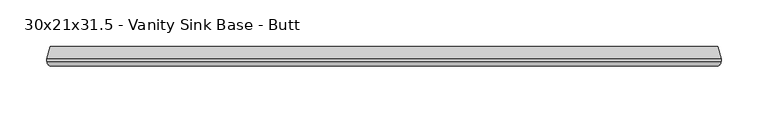
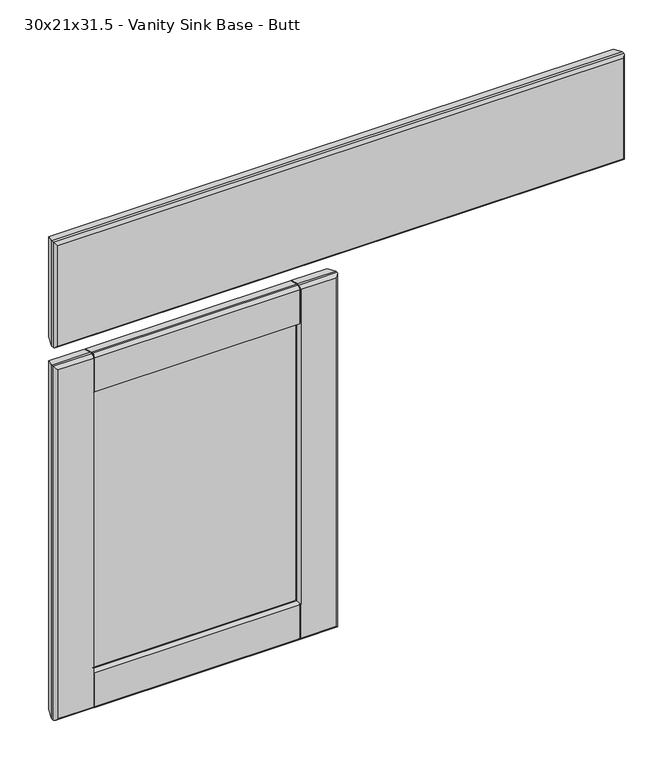
"""IFC4 building model written with IfcOpenShell, lengths in millimetres: furniture geometry, Cabinet-Base-Merillat-Double_Door-Marlin : 30x21x31.5 - Vanity Sink Base - Butt."""

from ifc_helpers import new_model, si_unit, frame, origin, place, context, project, spatial, polyline, circle_curve, ellipse_curve, outline, extrude, source, transform, mapped, element, save
from ifc_brep_helpers import plane_surface, cylinder_surface, advanced_brep


def furniture_30x21x31_5_vanity_sink_base_butt_a027e388(model_context):
    return source(origin(), model_context, "Body", "SolidModel", [
        advanced_brep(
        [(-336.9408026, -629.92, 771.6035075), (-336.9408026, -629.92, 638.0964925), (374.4162124, -629.92, 638.0964925), (374.4162124, -629.92, 771.6035075), (-336.5320951, -609.6, 638.5052), (-336.5320951, -609.6, 771.1948), (374.0075049, -609.6, 771.1948), (374.0075049, -609.6, 638.5052), (-340.0372951, -625.4496, 774.7), (-340.0372951, -622.681, 774.7), (-340.0372951, -622.681, 635.0), (-340.0372951, -625.4496, 635.0), (377.5127049, -622.681, 635.0), (377.5127049, -625.4496, 635.0), (377.5127049, -622.681, 774.7), (377.5127049, -625.4496, 774.7)],
        [
            (0, 1),
            (1, 2),
            (2, 3),
            (3, 0),
            (4, 5),
            (5, 6),
            (6, 7),
            (7, 4),
            (8, 9),
            (9, 10),
            (10, 11),
            (11, 8),
            (10, 12),
            (12, 13),
            (13, 11),
            (12, 14),
            (14, 15),
            (15, 13),
            (8, 15),
            (14, 9),
            (11, 1, ellipse_curve(frame((-335.2620951, -625.4496, 639.7752), z_axis=(-0.7071067811865475, 0.0, 0.7071067811865475), x_axis=(-0.7071067811865474, 0.0, -0.7071067811865476)), 6.7531526, 4.7752)),
            (0, 8, ellipse_curve(frame((-335.2620951, -625.4496, 769.9248), z_axis=(-0.7071067811865475, 0.0, -0.7071067811865475), x_axis=(0.7071067811865474, 0.0, -0.7071067811865476)), 6.7531526, 4.7752)),
            (4, 10),
            (9, 5),
            (13, 2, ellipse_curve(frame((372.7375049, -625.4496, 639.7752), z_axis=(-0.7071067811865475, 0.0, -0.7071067811865475), x_axis=(0.7071067811865476, 0.0, -0.7071067811865474)), 6.7531526, 4.7752)),
            (7, 12),
            (15, 3, ellipse_curve(frame((372.7375049, -625.4496, 769.9248), z_axis=(0.7071067811865475, 0.0, -0.7071067811865475), x_axis=(0.7071067811865474, 0.0, 0.7071067811865476)), 6.7531526, 4.7752)),
            (6, 14),
        ],
        [
            plane_surface(frame((-340.0372951, -629.92, 774.7), z_axis=(0.0, -1.0, 0.0), x_axis=(0.0, 0.0, -1.0))),
            plane_surface(frame((-340.0372951, -609.6, 774.7), z_axis=(0.0, 1.0, 0.0), x_axis=(0.0, 0.0, 1.0))),
            plane_surface(frame((-340.0372951, -629.92, 774.7), z_axis=(-1.0, 0.0, 0.0), x_axis=(0.0, 1.0, 0.0))),
            plane_surface(frame((-340.0372951, -629.92, 635.0), z_axis=(0.0, 0.0, -1.0), x_axis=(0.0, 1.0, 0.0))),
            plane_surface(frame((377.5127049, -629.92, 635.0), z_axis=(1.0, 0.0, 0.0), x_axis=(0.0, 1.0, 0.0))),
            plane_surface(frame((377.5127049, -629.92, 774.7), z_axis=(0.0, 0.0, 1.0), x_axis=(0.0, 1.0, 0.0))),
            cylinder_surface(frame((-335.2620951, -625.4496, 774.7), z_axis=(0.0, 0.0, -1.0), x_axis=(0.0, 1.0, 0.0)), 4.7752),
            plane_surface(frame((-340.0372951, -622.681, 774.7), z_axis=(-0.9659229350723619, 0.25882983502910506, 0.0), x_axis=(0.0, 0.0, -1.0))),
            cylinder_surface(frame((-340.0372951, -625.4496, 639.7752), z_axis=(1.0, 0.0, 0.0), x_axis=(0.0, 1.0, 0.0)), 4.7752),
            plane_surface(frame((-340.0372951, -622.681, 635.0), z_axis=(0.0, 0.25882983502910506, -0.9659229350723619), x_axis=(1.0, 0.0, 0.0))),
            cylinder_surface(frame((372.7375049, -625.4496, 635.0), z_axis=(0.0, 0.0, 1.0), x_axis=(0.0, 1.0, 0.0)), 4.7752),
            plane_surface(frame((377.5127049, -622.681, 635.0), z_axis=(0.9659229350723619, 0.25882983502910506, 0.0), x_axis=(0.0, 0.0, 1.0))),
            cylinder_surface(frame((377.5127049, -625.4496, 769.9248), z_axis=(-1.0, 0.0, 0.0), x_axis=(0.0, 1.0, 0.0)), 4.7752),
            plane_surface(frame((377.5127049, -622.681, 774.7), z_axis=(0.0, 0.25882983502910506, 0.9659229350723619), x_axis=(-1.0, 0.0, 0.0))),
        ],
        [
            (0, [[1, 2, 3, 4]]),
            (1, [[5, 6, 7, 8]]),
            (2, [[9, 10, 11, 12]]),
            (3, [[-11, 13, 14, 15]]),
            (4, [[-14, 16, 17, 18]]),
            (5, [[-9, 19, -17, 20]]),
            (6, [[21, -1, 22, -12]]),
            (7, [[23, -10, 24, -5]]),
            (8, [[-21, -15, 25, -2]]),
            (9, [[-23, -8, 26, -13]]),
            (10, [[-25, -18, 27, -3]]),
            (11, [[-26, -7, 28, -16]]),
            (12, [[-22, -4, -27, -19]]),
            (13, [[-24, -20, -28, -6]]),
        ],
    ),
        advanced_brep(
        [(-340.0372951, -625.4496, 609.6), (-340.0372951, -625.4496, 139.7), (-336.9408026, -629.92, 142.7964925), (-336.9408026, -629.92, 606.5035075), (-340.0372951, -622.681, 609.6), (-340.0372951, -622.681, 139.7), (-336.5320951, -609.6, 606.0948), (-336.5320951, -609.6, 143.2052), (-291.8361323, -609.6, 561.3988372), (-291.4660006, -610.39375, 561.0287055), (-289.3848416, -614.85681, 558.9475465), (-289.3848416, -614.85681, 190.3524535), (-291.4660006, -610.39375, 188.2712945), (-291.8361323, -609.6, 187.9011628), (-290.784611, -617.0969093, 560.347316), (-290.784611, -617.0969093, 188.952684), (-305.1122951, -617.347, 574.675), (-305.1122951, -617.347, 174.625), (-305.1122951, -622.173, 574.675), (-305.1122951, -622.173, 174.625), (-290.784611, -622.4230907, 560.347316), (-290.784611, -622.4230907, 188.952684), (-289.3848416, -624.66319, 558.9475465), (-289.3848416, -624.66319, 190.3524535), (-291.4660006, -629.12625, 561.0287055), (-291.8332649, -629.9138508, 561.3959698), (-291.8361323, -629.92, 187.9011628), (-291.4660006, -629.12625, 188.2712945), (14.0537124, -629.92, 142.7964925), (-31.0140137, -629.92, 142.7964925), (-31.0140137, -625.4496, 139.7), (17.1502049, -625.4496, 139.7), (-291.8332649, -625.4496, 139.7), (-291.8332649, -629.92, 142.7964925), (-290.2457649, -625.4496, 139.7), (-32.6015137, -625.4496, 139.7), (-32.6015137, -629.92, 142.7964925), (-290.2457649, -629.92, 142.7964925), (-31.0140137, -622.681, 139.7), (17.1502049, -622.681, 139.7), (-291.8332649, -622.681, 139.7), (-290.2457649, -622.681, 139.7), (-32.6015137, -622.681, 139.7), (-31.0140137, -609.6, 143.2052), (13.6450049, -609.6, 143.2052), (-290.2457649, -609.6, 143.2052), (-32.6015137, -609.6, 143.2052), (-291.8332649, -609.6, 143.2052), (-33.5022486, -614.85681, 190.3524535), (-31.4210895, -610.39375, 188.2712945), (-32.6015137, -610.39375, 188.2712945), (-32.6015137, -609.6, 187.9011628), (-290.2457649, -609.6, 187.9011628), (-290.2457649, -610.39375, 188.2712945), (-32.1024791, -617.0969093, 188.952684), (-17.7747951, -617.347, 174.625), (-17.7747951, -622.173, 174.625), (-32.1024791, -622.4230907, 188.952684), (-33.5022486, -624.66319, 190.3524535), (-290.2457649, -629.12625, 188.2712945), (-290.2457649, -629.92, 187.9011628), (-32.6015137, -629.92, 187.9011628), (-32.6015137, -629.12625, 188.2712945), (-31.4210895, -629.12625, 188.2712945), (17.1502049, -625.4496, 609.6), (14.0537124, -629.92, 606.5035075), (17.1502049, -622.681, 609.6), (13.6450049, -609.6, 606.0948), (-31.0509578, -609.6, 187.9011628), (-33.5022486, -614.85681, 558.9475465), (-31.4210895, -610.39375, 561.0287055), (-31.0509578, -609.6, 561.3988372), (-32.1024791, -617.0969093, 560.347316), (-17.7747951, -617.347, 574.675), (-17.7747951, -622.173, 574.675), (-32.1024791, -622.4230907, 560.347316), (-33.5022486, -624.66319, 558.9475465), (-31.0509578, -629.92, 187.9011628), (-31.0509578, -629.92, 561.3988372), (-31.4210895, -629.12625, 561.0287055), (-291.8332649, -629.92, 606.5035075), (-291.8332649, -625.4496, 609.6), (-31.0140137, -625.4496, 609.6), (-31.0140137, -629.92, 606.5035075), (-32.6015137, -625.4496, 609.6), (-290.2457649, -625.4496, 609.6), (-290.2457649, -629.92, 606.5035075), (-32.6015137, -629.92, 606.5035075), (-291.8332649, -622.681, 609.6), (-31.0140137, -622.681, 609.6), (-32.6015137, -622.681, 609.6), (-290.2457649, -622.681, 609.6), (-291.8332649, -609.6, 606.0948), (-31.0140137, -609.6, 606.0948), (-32.6015137, -609.6, 606.0948), (-290.2457649, -609.6, 606.0948), (-32.6015137, -609.6, 561.3988372), (-290.2457649, -609.6, 561.3988372), (-290.2457649, -610.39375, 561.0287055), (-32.6015137, -610.39375, 561.0287055), (-32.6015137, -629.12625, 561.0287055), (-32.6015137, -629.92, 561.3988372), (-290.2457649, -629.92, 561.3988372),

Task to complete
Only the number is needed: state how many lines in the listing contain "origin".

Exercise output
2